16. What are Credit Default Swaps (CDSs)?

(a) How could multiple contracts insure (or cover) the same debt?

(b) What happened with CDSs when the U.S. economy entered a recession in December 2007?

(c) What is a potential flaw with CDS (that your professor told you)?

17. This example is a margin call example. A person bought 5 Futures contracts for gold. The contract size is 10 ounces; the maturity is one year from now, and the contract price is 1,000 euros per ounce.

(a) If the spot gold price rises to 1,200 euros per ounce, what is the margin? Who deposits money with the dealer?

(b) If the spot gold price falls to 900 euros per ounce, what is the margin? Who deposits money with the dealer?

18. This example is a margin call example. A person bought 10 Futures contracts for Euros. The contract size is 10,000 euros; the maturity is one year from now, and the contract price is \$1.40 / 1 euro.

(a) If the spot exchanges changes to \$2 / 1 euro, what is the margin? Who deposits money with the dealer?

(b) If the spot exchange rate changes to \$1 / 1 euro, what is the margin? Who deposits money with the dealer?

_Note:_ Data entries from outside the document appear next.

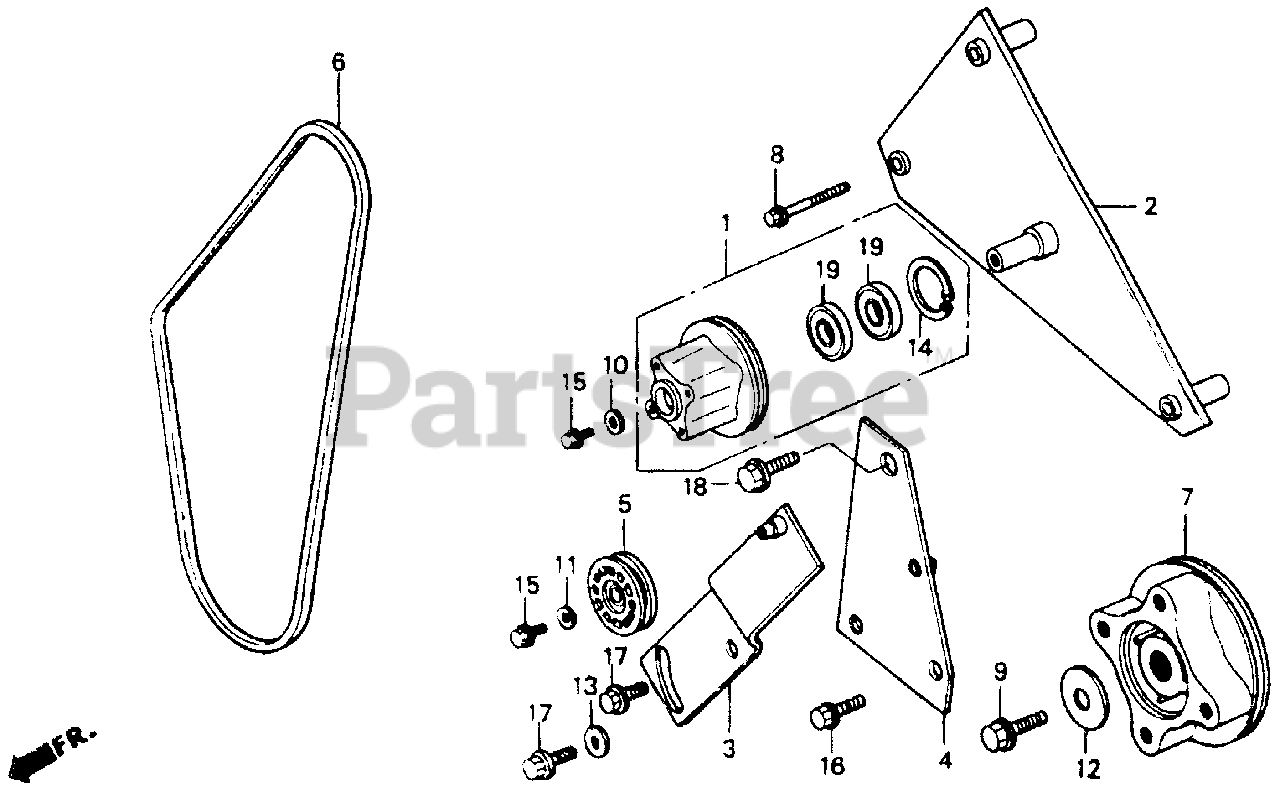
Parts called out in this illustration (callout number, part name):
1	PULLEY ASSY., COOLING FAN
2	BRACKET, COOLING FAN
3	ARM, TENSION
4	PLATE, TENSIONER ARM
5	PULLEY, TENSIONER (65MM)
6	BELT, ALTERNATOR (BANDO)
7	JOINT, PROPELLER SHAFT
8	BOLT, FLANGE (6X50)
9	BOLT, SPECIAL (10MM)
10	WASHER, GEARSHIFT DRUM SIDE
11	WASHER (6MM)
12	WASHER (10.5X40X4)
13	WASHER, PLAIN (10MM)
14	CIRCLIP (INNER) (32MM)
15	BOLT, FLANGE (6X12)
16	BOLT, FLANGE (8X20)
17	BOLT, FLANGE (10X20)
18	BOLT, FLANGE (10X20)
18	BOLT, FLANGE (10X25)
19	BEARING, RADIAL BALL (6201UU)
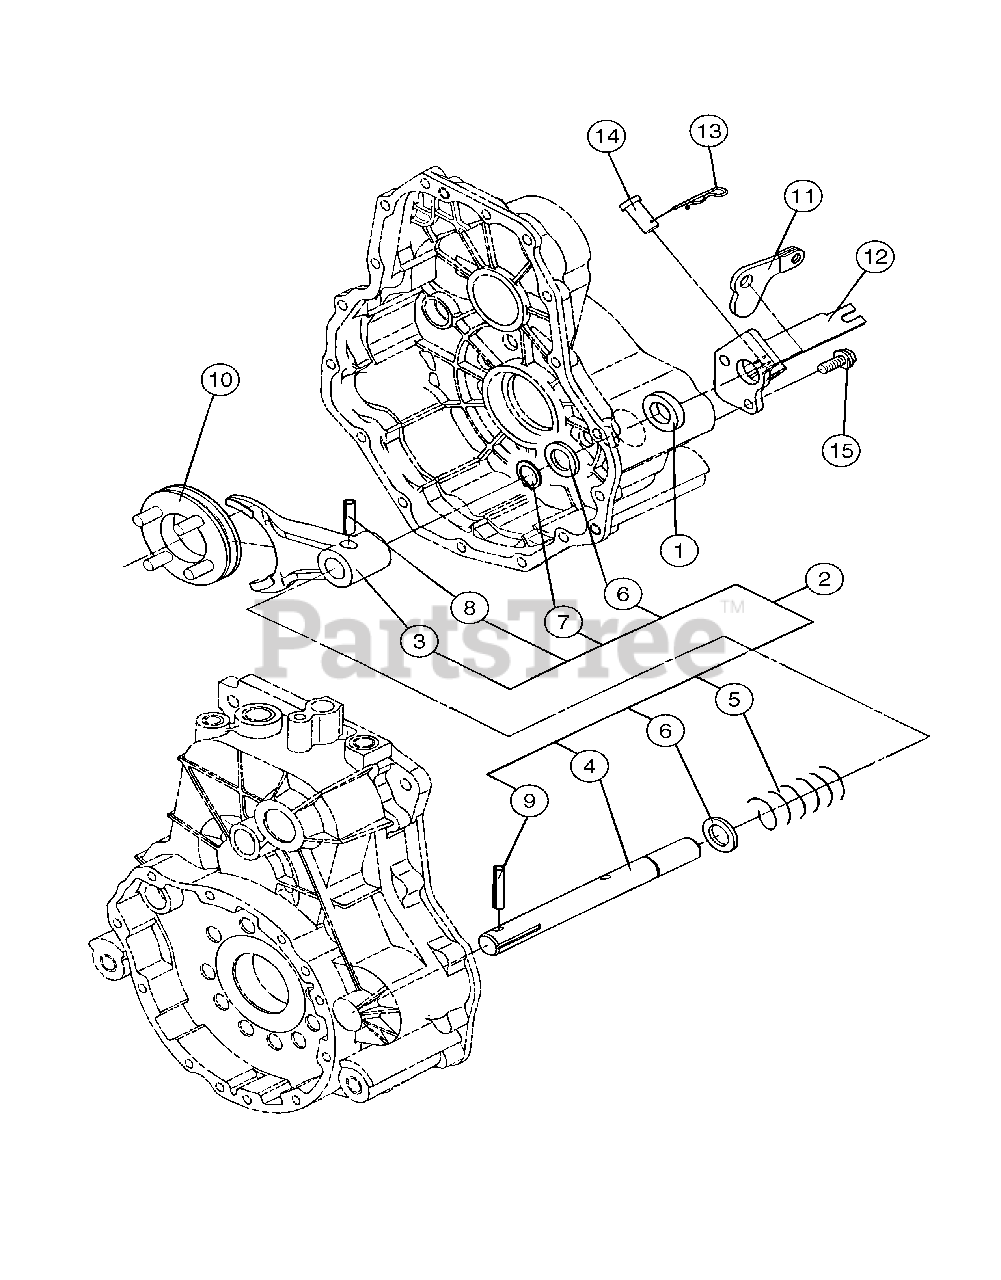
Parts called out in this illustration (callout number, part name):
1	Seal, TC4 20 35 7
2	Differential Lock Kit
3	Fork, Differential Lock
4	Shaft, Differential Lock
5	Spring, Differential Lock
6	Spacer, 20 x 32 x 3.2
8	Pin, 8.0A x 32
9	Pin, 8.0A x 40
10	Slider, Differential Lock
11	Arm, Differential Lock
12	Bracket, Differential Lock
13	Pin, 12
15	Tapping Screw, 8 x 20
15	Flange Bolt, M8 x 20

19. This example is a European call option. A person bought 10 call contracts for Bosnian convertible marks (KM). The contract size is 1,000 KMs; the maturity is one year from now; the premium is euros 0.001 / 1 KM, and the contract price is euros 1 / 2 KM.

(a) How much is this person’s premium for the contracts?

(b) What happens on the maturity date if the spot exchange rate is euros 1 / 1.5 KM?

(c) What happens on the maturity date if the spot exchange rate is euros 1 / 2.5 KM?

20. This example is a European put option. A person buys 10 put contracts for Serbian dinars. The contract size is 10,000 dinars; the maturity is one year from now; the premium is euros 0.0001 / 1 dinar, and the contract price is euros 1 / 1,000 dinars.

(a) How much is this person’s premium for the contracts?

(b) What happens on the maturity date if the spot exchange rate is euros 1 / 1,500 dinars?

(c) What happens on the maturity date is the spot exchange rate is euros 1 / 500 dinars?